= Roger Altounyan =

Syrian-British physician and pharmacologist

Roger Edward Collingwood Altounyan (1922–1987) was a Syrian-born Anglo-Armenian physician and pharmacologist who pioneered the use of sodium cromoglycate as a remedy for asthma. His family relocated to the United Kingdom where he studied medicine and started his pioneering research.

==Career==

===Pharmacological research===
Starting with khella, a traditional remedy for asthma, Altounyan discovered in 1965 that khella's active ingredient was khellin. He eventually produced a safer chemical based on khellin, sodium cromoglycate. This was later marketed as Intal by Fisons Pharmaceuticals, which was taken over by Rhone-Poulenc Rorer, who in turn were acquired by Aventis and later Sanofi. Prior to the RPR takeover, the R&D element of Fisons was sold to Astra, making it now part of AstraZeneca. Sodium cromoglycate was the first clinically utilised mast cell stabiliser. The mast cell plays a key role in allergic and asthmatic inflammation. Mast cells contain powerful inflammatory mediators which when released lead to inflammation and bronchoconstriction of the airway. Sodium cromoglycate stabilises the mast cell thereby preventing the release of the mediators.

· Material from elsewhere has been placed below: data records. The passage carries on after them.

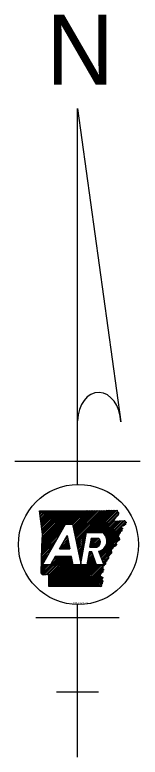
# Model space of a CAD drawing. Extents: x -17742 to 32032, y -17264 to 5867.
# Drawn here: x -7791 to -7528, y -10380 to -8824 of the extents above; entities that cross this region are included whole.
import ezdxf

# ---------------------------------------------------------------- set-up
doc = ezdxf.new("R2010")
doc.units = 0
doc.layers.add('R_Annotation', color=7, linetype='Continuous')

msp = doc.modelspace()

# ---------------------------------------------------------------- linework, layer by layer
at = {"layer": 'R_Annotation'}
for p, q in [((-7659.3, -9020.1), (-7568.4, -9677.2)), ((-7659.3, -9808), (-7659.3, -9020.1)), ((-7790.9, -9759.3), (-7527.8, -9759.3)), ((-7739.1, -9864.5), (-7738, -9863.4)), ((-7738.7, -9867.6), (-7734.6, -9863.4)), ((-7738.4, -9870.7), (-7731.1, -9863.4)), ((-7738, -9873.8), (-7727.6, -9863.4)), ((-7737.6, -9876.9), (-7724.1, -9863.4)), ((-7737.2, -9880), (-7720.6, -9863.4)), ((-7736.8, -9883.1), (-7717.2, -9863.4)), ((-7736.4, -9886.2), (-7713.7, -9863.4)), ((-7736, -9889.3), (-7710.2, -9863.4)), ((-7735.7, -9892.4), (-7706.7, -9863.4)), ((-7735.3, -9895.5), (-7703.2, -9863.4)), ((-7734.9, -9898.6), (-7699.8, -9863.4)), ((-7734.5, -9901.7), (-7696.3, -9863.4)), ((-7734.1, -9904.8), (-7692.8, -9863.4)), ((-7734, -9939.5), (-7657.9, -9863.4)), ((-7733.9, -9935.9), (-7661.4, -9863.4)), ((-7733.8, -9932.3), (-7664.9, -9863.4)), ((-7733.7, -9907.9), (-7689.3, -9863.4)), ((-7733.6, -9928.7), (-7668.4, -9863.4)), ((-7733.5, -9925.1), (-7671.9, -9863.4)), ((-7733.4, -9921.5), (-7675.4, -9863.4)), ((-7733.3, -9917.9), (-7678.8, -9863.4)), ((-7733.3, -9910.9), (-7685.8, -9863.4)), ((-7733.2, -9914.2), (-7682.3, -9863.4)), ((-7682.3, -9891.2), (-7654.4, -9863.4)), ((-7678.8, -9891.2), (-7650.9, -9863.3)), ((-7675.3, -9891.2), (-7647.4, -9863.3)), ((-7671.8, -9891.2), (-7643.9, -9863.3)), ((-7669.7, -9892.5), (-7640.3, -9863.2)), ((-7669, -9895.4), (-7636.8, -9863.2)), ((-7668.4, -9898.3), (-7633.3, -9863.1)), ((-7667.8, -9901.1), (-7629.7, -9863)), ((-7667.2, -9904), (-7626.2, -9863)), ((-7666.6, -9906.9), (-7622.6, -9862.9)), ((-7666, -9909.8), (-7619.1, -9862.9)), ((-7665.4, -9912.6), (-7615.6, -9862.8)), ((-7664.8, -9915.5), (-7612, -9862.8)), ((-7664.1, -9918.4), (-7608.5, -9862.7)), ((-7663.5, -9921.2), (-7605, -9862.7)), ((-7662.9, -9924.1), (-7601.4, -9862.6)), ((-7662.3, -9927), (-7597.9, -9862.5)), ((-7661.7, -9929.8), (-7594.3, -9862.5)), ((-7637.5, -9909.1), (-7590.7, -9862.4)), ((-7634, -9909.1), (-7587.2, -9862.3)), ((-7630.5, -9909.1), (-7583.6, -9862.2)), ((-7627, -9909.1), (-7580, -9862.1)), ((-7623.6, -9909.1), (-7576.5, -9862)), ((-7620.1, -9909.1), (-7575.7, -9864.7)), ((-7616.6, -9909.1), (-7574, -9866.5)), ((-7613.1, -9909.1), (-7573.6, -9869.6)), ((-7734.1, -9943.1), (-7687.1, -9896.1)), ((-7733, -9977), (-7684.4, -9891.2)), ((-7684.4, -9891.2), (-7669.9, -9891.2)), ((-7609.6, -9909.1), (-7581.5, -9881)), ((-7606.5, -9909.4), (-7582.2, -9885.2)), ((-7604.6, -9911), (-7578.5, -9885)), ((-7602.9, -9912.8), (-7574.9, -9884.8)), ((-7601.4, -9914.8), (-7571.2, -9884.6)), ((-7600.1, -9917), (-7567.5, -9884.4)), ((-7599, -9919.4), (-7563.8, -9884.2)), ((-7598.2, -9922.1), (-7560.5, -9884.4)), ((-7597.7, -9925.1), (-7558.9, -9886.3)), ((-7560.5, -9891.3), (-7557.3, -9888.1)), ((-7734.2, -9946.7), (-7691.7, -9904.1)), ((-7640.6, -9909.1), (-7606.9, -9909.1)), ((-7598.4, -9932.8), (-7566.8, -9901.2)), ((-7597.7, -9928.6), (-7567.2, -9898.1)), ((-7570.7, -9908.5), (-7566.4, -9904.2)), ((-7734.5, -9953.9), (-7700.8, -9920.2)), ((-7734.4, -9950.3), (-7696.2, -9912.1)), ((-7697.2, -9943.4), (-7681.3, -9915.3)), ((-7697.1, -9943.4), (-7679.2, -9925.5)), ((-7692.9, -9935.7), (-7679.8, -9922.6)), ((-7688.4, -9927.7), (-7680.4, -9919.7)), ((-7683.8, -9919.7), (-7681, -9916.8)), ((-7661.1, -9932.7), (-7641.3, -9912.9)), ((-7660.5, -9935.6), (-7642, -9917.2)), ((-7659.8, -9938.4), (-7642.8, -9921.4)), ((-7659.2, -9941.3), (-7643.5, -9925.6)), ((-7633.3, -9939.6), (-7615, -9921.2)), ((-7632.6, -9935.4), (-7618.5, -9921.2)), ((-7631.9, -9931.1), (-7621.9, -9921.2)), ((-7631.1, -9926.9), (-7625.4, -9921.2)), ((-7630.4, -9922.7), (-7628.9, -9921.2)), ((-7630.1, -9921.2), (-7614.3, -9921.2)), ((-7629.8, -9939.6), (-7613, -9922.8)), ((-7626.3, -9939.6), (-7611.9, -9925.1)), ((-7612.8, -9954.1), (-7574.2, -9915.5)), ((-7611.9, -9956.7), (-7573.5, -9918.3)), ((-7610.9, -9959.2), (-7572.9, -9921.2)), ((-7610, -9961.7), (-7572.2, -9924)), ((-7601.5, -9939.3), (-7574.9, -9912.7)), ((-7734.7, -9961.1), (-7709.9, -9936.2)), ((-7734.6, -9957.5), (-7705.3, -9928.2)), ((-7693.6, -9943.4), (-7678.5, -9928.3)), ((-7690.1, -9943.4), (-7677.9, -9931.2)), ((-7686.6, -9943.4), (-7677.3, -9934.1)), ((-7683.1, -9943.4), (-7676.7, -9936.9)), ((-7679.6, -9943.4), (-7676.1, -9939.8)), ((-7676.2, -9943.4), (-7675.5, -9942.7)), ((-7658.6, -9944.2), (-7644.2, -9929.8)), ((-7658, -9947.1), (-7645, -9934)), ((-7657.4, -9949.9), (-7645.7, -9938.3)), ((-7656.8, -9952.8), (-7646.5, -9942.5)), ((-7633.3, -9939.6), (-7618.8, -9939.6)), ((-7622.8, -9939.6), (-7611.2, -9927.9)), ((-7619.4, -9939.6), (-7611.5, -9931.7)), ((-7584.1, -9939.4), (-7579.3, -9934.5)), ((-7735, -9968.3), (-7719, -9952.3)), ((-7734.8, -9964.7), (-7714.4, -9944.2)), ((-7697.2, -9943.4), (-7675.3, -9943.4)), ((-7656.2, -9955.7), (-7647.2, -9946.7)), ((-7655.5, -9958.5), (-7647.9, -9950.9)), ((-7654.9, -9961.4), (-7648.7, -9955.1)), ((-7638.5, -9969.4), (-7626.5, -9957.3)), ((-7637.8, -9965.1), (-7627.4, -9954.8)), ((-7637, -9960.9), (-7628.3, -9952.2)), ((-7636.3, -9956.7), (-7629.3, -9949.7)), ((-7635.6, -9952.5), (-7632.8, -9949.7)), ((-7629.2, -9949.7), (-7635.1, -9949.7)), ((-7619.2, -9977), (-7629.2, -9949.7)), ((-7615, -9948.3), (-7604.3, -9977)), ((-7614.7, -9949), (-7613.6, -9948)), ((-7613.8, -9951.6), (-7607.1, -9944.9)), ((-7609.1, -9964.3), (-7588.2, -9943.4)), ((-7608.1, -9966.8), (-7588.6, -9947.3)), ((-7607.2, -9969.4), (-7588.9, -9951.1)), ((-7735.2, -9975.5), (-7728, -9968.3)), ((-7735.1, -9971.9), (-7723.5, -9960.3)), ((-7734.4, -9995.6), (-7697.8, -9959)), ((-7732.4, -9997), (-7694.4, -9959)), ((-7729.9, -9998), (-7690.9, -9959)), ((-7725.7, -9997.4), (-7687.4, -9959)), ((-7722.2, -9997.3), (-7683.9, -9959)), ((-7719.5, -9998.1), (-7680.4, -9959)), ((-7719.4, -10001.4), (-7676.9, -9959)), ((-7719.3, -10004.9), (-7673.5, -9959)), ((-7719.3, -10008.4), (-7671.6, -9960.7)), ((-7719.3, -10011.9), (-7671, -9963.5)), ((-7719.3, -10015.3), (-7670.4, -9966.4)), ((-7719.3, -10018.8), (-7669.8, -9969.3)), ((-7719.2, -10022.2), (-7669.2, -9972.2)), ((-7706.1, -9959), (-7716.3, -9977)), ((-7712.3, -9970.1), (-7701.3, -9959)), ((-7707.8, -9962), (-7704.8, -9959)), ((-7672, -9959), (-7706.1, -9959)), ((-7684.5, -10022.3), (-7624.6, -9962.4)), ((-7681, -10022.3), (-7623.6, -9964.9)), ((-7677.5, -10022.3), (-7622.7, -9967.5)), ((-7674, -10022.3), (-7621.8, -9970)), ((-7670.6, -10022.3), (-7620.8, -9972.6)), ((-7654.3, -9964.3), (-7649.4, -9959.3)), ((-7653.7, -9967.1), (-7650.1, -9963.6)), ((-7653.1, -9970), (-7650.9, -9967.8)), ((-7652.5, -9972.9), (-7651.6, -9972)), ((-7639.2, -9973.6), (-7625.5, -9959.8)), ((-7606.2, -9971.9), (-7595.6, -9961.2)), ((-7605.3, -9974.5), (-7597, -9966.2)), ((-7735.7, -9993.4), (-7719.3, -9977)), ((-7735.7, -9989.9), (-7722.8, -9977)), ((-7735.6, -9986.3), (-7726.3, -9977)), ((-7735.4, -9982.7), (-7729.8, -9977)), ((-7735.3, -9979.1), (-7732.6, -9976.4)), ((-7716.3, -9977), (-7733, -9977)), ((-7715.8, -10022.2), (-7668.6, -9975)), ((-7712.3, -10022.2), (-7667.1, -9977)), ((-7708.8, -10022.2), (-7663.6, -9977)), ((-7705.3, -10022.3), (-7660.1, -9977)), ((-7701.9, -10022.3), (-7656.6, -9977)), ((-7698.4, -10022.3), (-7653.1, -9977)), ((-7694.9, -10022.3), (-7649.7, -9977)), ((-7691.4, -10022.3), (-7646.2, -9977)), ((-7688, -10022.3), (-7642.7, -9977)), ((-7639.8, -9977), (-7668.1, -9977)), ((-7667.1, -10022.3), (-7619.9, -9975.1)), ((-7663.6, -10022.3), (-7618.3, -9977)), ((-7660.1, -10022.3), (-7614.8, -9977)), ((-7656.7, -10022.3), (-7611.4, -9977)), ((-7653.2, -10022.3), (-7607.9, -9977)), ((-7649.7, -10022.3), (-7606.7, -9979.3)), ((-7646.2, -10022.4), (-7606.5, -9982.7)), ((-7642.8, -10022.4), (-7606.4, -9986)), ((-7639.3, -10022.4), (-7606.2, -9989.3)), ((-7604.3, -9977), (-7619.2, -9977)), ((-7635.8, -10022.4), (-7612, -9998.5)), ((-7632.3, -10022.4), (-7610.9, -10000.9)), ((-7628.8, -10022.4), (-7609.8, -10003.3)), ((-7625.4, -10022.4), (-7608.7, -10005.8)), ((-7621.9, -10022.4), (-7607.7, -10008.2)), ((-7618.4, -10022.4), (-7606.8, -10010.7)), ((-7614.9, -10022.4), (-7608.3, -10015.8)), ((-7611.5, -10022.4), (-7609.9, -10020.9)), ((-7659.3, -10379.9), (-7659.3, -10060.1)), ((-7747, -10087.3), (-7571.6, -10087.3)), ((-7703.2, -10243.1), (-7615.4, -10243.1))]:
    msp.add_line(p, q, dxfattribs=at)
for points in [[(-7739.3, -9863.4), (-7691.2, -9863.4), (-7649, -9863.3), (-7599.3, -9862.6), (-7576.2, -9862)], [(-7739.3, -9863.4), (-7691.2, -9863.4), (-7649.1, -9863.3), (-7599.3, -9862.6), (-7576.2, -9862)], [(-7734, -9938.1), (-7733.1, -9912.8), (-7739.3, -9863.4)], [(-7735.8, -9993.4), (-7733.1, -9912.8), (-7739.3, -9863.4)], [(-7669.9, -9891.2), (-7652.1, -9974.7), (-7640.6, -9909.1)], [(-7561.2, -9884.1), (-7557, -9888.5), (-7567.4, -9897), (-7566.2, -9905.6), (-7575.1, -9911.4), (-7572.1, -9924.7), (-7578.9, -9930.9), (-7579.6, -9937.7), (-7587.9, -9940.7), (-7589.2, -9953.5), (-7595.2, -9960), (-7598.1, -9969.6), (-7606.8, -9977.6), (-7606.1, -9991.7), (-7612.1, -9998.3), (-7606.7, -10010.4), (-7610.4, -10022.4)], [(-7583.4, -9885.2), (-7560.8, -9884.1)], [(-7583.4, -9885.2), (-7560.8, -9884.1)], [(-7681.3, -9915.3), (-7675.3, -9943.4)], [(-7633.3, -9939.6), (-7630.1, -9921.2)], [(-7735.8, -9993.4), (-7734, -9938.1)], [(-7635.1, -9949.7), (-7639.8, -9977)], [(-7668.1, -9977), (-7672, -9959)], [(-7610.4, -10022.4), (-7719.3, -10022.2), (-7719.4, -9998.2)], [(-7610.4, -10022.4), (-7719.3, -10022.2), (-7719.3, -9998.2)]]:
    msp.add_lwpolyline(points, dxfattribs=at)
for centre, major_axis, ratio, start_param, end_param in [((-7613.9, -9678.6), (-1.9, 63.2), 0.719778, 4.712385, 7.768526), ((-7619.4, -9927), (-21.8, 0), 0.999987, 1.777838, 4.099264), ((-7622.3, -9929), (-11.1, 0), 0.999987, 1.887169, 3.90762)]:
    msp.add_ellipse(centre, major_axis=major_axis, ratio=ratio, start_param=start_param, end_param=end_param, dxfattribs=at)
msp.add_ellipse((-7657.3, -9934.1), major_axis=(126, 0), ratio=0.999976, dxfattribs=at)
for points in [[(-7576.2, -9862), (-7576.1, -9863.3), (-7575.7, -9864), (-7575.6, -9865.3), (-7575.1, -9865.8), (-7574.2, -9866.4), (-7573.5, -9867.2), (-7573.3, -9868.2), (-7573.6, -9869.2), (-7573.6, -9870.4), (-7573.7, -9871.4), (-7573.9, -9872.3), (-7574.6, -9873.1), (-7575.3, -9873.6), (-7575.9, -9874.2), (-7576.4, -9874.9), (-7577.1, -9875.6), (-7577.9, -9876.4), (-7578.6, -9877), (-7579.2, -9877.8), (-7579.5, -9878.8), (-7580.1, -9879.4), (-7580.7, -9880), (-7581.4, -9880.8), (-7581.7, -9881.6), (-7582.4, -9882.5), (-7582.6, -9883.4), (-7583, -9884.1), (-7583.1, -9884.3)], [(-7576.2, -9862), (-7576.1, -9863.3), (-7575.7, -9864), (-7575.6, -9865.3), (-7575.1, -9865.8), (-7574.3, -9866.3), (-7573.5, -9867.2), (-7573.3, -9868.2), (-7573.5, -9869.3), (-7573.6, -9870.4), (-7573.7, -9871.4), (-7573.9, -9872.3), (-7574.6, -9873.1), (-7575.3, -9873.6), (-7575.9, -9874.3), (-7576.4, -9874.9), (-7577.1, -9875.6), (-7577.9, -9876.4), (-7578.5, -9877), (-7579.2, -9877.8), (-7579.5, -9878.8), (-7580.1, -9879.4), (-7580.7, -9880), (-7581.4, -9880.8), (-7581.7, -9881.6), (-7582.4, -9882.5), (-7582.6, -9883.4), (-7583, -9884.1), (-7583.1, -9884.3)], [(-7561.2, -9884.1), (-7560.8, -9884.1), (-7559.8, -9885.1), (-7559.4, -9886.1), (-7558.7, -9886.5), (-7558, -9886.8), (-7557.4, -9887.5), (-7557, -9888.3), (-7557.2, -9888.9), (-7558.1, -9889), (-7559, -9889.1), (-7559.9, -9889.1), (-7560.6, -9889.7), (-7559.9, -9890.5), (-7559.1, -9891.2), (-7558.8, -9892), (-7559.3, -9892.8), (-7560.3, -9893.2), (-7561.2, -9893.6), (-7562, -9894.3), (-7562.4, -9895), (-7563.3, -9895.3), (-7564.3, -9895.5), (-7565.1, -9895.6), (-7566.1, -9895.8), (-7567, -9896.3), (-7567.4, -9897), (-7567.2, -9898.1), (-7567.3, -9899.3), (-7566.3, -9899.7), (-7565.4, -9899.7), (-7564.6, -9900.1), (-7564.7, -9900.8), (-7565.3, -9901.6), (-7566.1, -9902.3), (-7566.8, -9902.6), (-7567.5, -9903.2), (-7567.2, -9903.9), (-7566.6, -9904.3), (-7566.2, -9904.9), (-7566.2, -9905.6), (-7567, -9906), (-7567.7, -9905.8), (-7568.3, -9905.1), (-7568.9, -9904.9), (-7569.5, -9904.6), (-7570.2, -9905), (-7570.2, -9905.8), (-7570.4, -9906.7), (-7570.2, -9907.4), (-7569.9, -9908.4), (-7570, -9909.1), (-7570.2, -9910.1), (-7570.7, -9911.2), (-7571.3, -9911.5), (-7571.5, -9910.4), (-7571.6, -9909.4), (-7572, -9908.9), (-7572.5, -9908.9), (-7573.1, -9909.3), (-7573.8, -9910), (-7574.6, -9910.7), (-7575.1, -9911.5), (-7574.9, -9912.4), (-7574.2, -9912.6), (-7573.7, -9912.5), (-7573.5, -9911.9), (-7573, -9911.8), (-7572.5, -9912.7)], [(-7572.5, -9912.7), (-7572.3, -9913.6), (-7572.9, -9914.5), (-7573.1, -9915.4), (-7573, -9916.3), (-7573.9, -9916.8), (-7574.7, -9917.4), (-7574.2, -9918.1), (-7573.3, -9918.8), (-7572.5, -9919.3), (-7571.9, -9919.8), (-7571.8, -9921), (-7571.6, -9921.8), (-7571.3, -9922.9), (-7571.2, -9923.6), (-7571.7, -9924.5), (-7572.3, -9924.7), (-7573, -9924.5), (-7573.8, -9924.4), (-7574.4, -9925), (-7574.9, -9925.8), (-7575.3, -9926.7), (-7575.6, -9927.4), (-7576, -9928.2), (-7576.6, -9929.1), (-7577.4, -9929.2), (-7578.4, -9929.4), (-7578.9, -9930.1), (-7578.8, -9931.2), (-7578.3, -9931.9), (-7577.9, -9932.8), (-7577.6, -9933.6), (-7577.7, -9934.7), (-7578.1, -9935.4), (-7578.7, -9935.9), (-7578.9, -9936.8), (-7579.3, -9937.5), (-7579.7, -9937.8), (-7580.4, -9937.7), (-7581.2, -9937.5), (-7581.8, -9937.6), (-7582.4, -9937.9), (-7583.1, -9937.7), (-7583.7, -9937), (-7584.3, -9936.5), (-7584.9, -9936.3), (-7585.5, -9936.6), (-7585.6, -9937.6), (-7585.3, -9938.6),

The Ambicromil (Probicromil) patent also has his name on it and is from Loughborough, Leicestershire. This is a Benzodipyran structure.

===War service===
Altounyan joined the Royal Air Force in 1941 and became a flying instructor. He was regarded as an "exceptional" instructor of bomber pilots and in 1943 he was appointed to the staff of a school for flying instructors. He was awarded the Air Force Cross for developing new techniques in night flying. His flying experience is said to be the inspiration for the "spinhaler", a propeller-driven device to deliver sodium cromoglycate deep into the lungs.

==Swallows and Amazons==
During his childhood, the Altounyans visited their British grandparents (Altounyan's grandfather was W. G. Collingwood) in the Lake District where they met the writer Arthur Ransome. Ransome named some of the primary characters in his famous book, Swallows and Amazons, after Altounyan and three of his four sisters; Roger became Roger Walker the ship's boy. Ransome later stayed with the family in Aleppo, bringing them a small dinghy to sail, and writing most of Peter Duck there.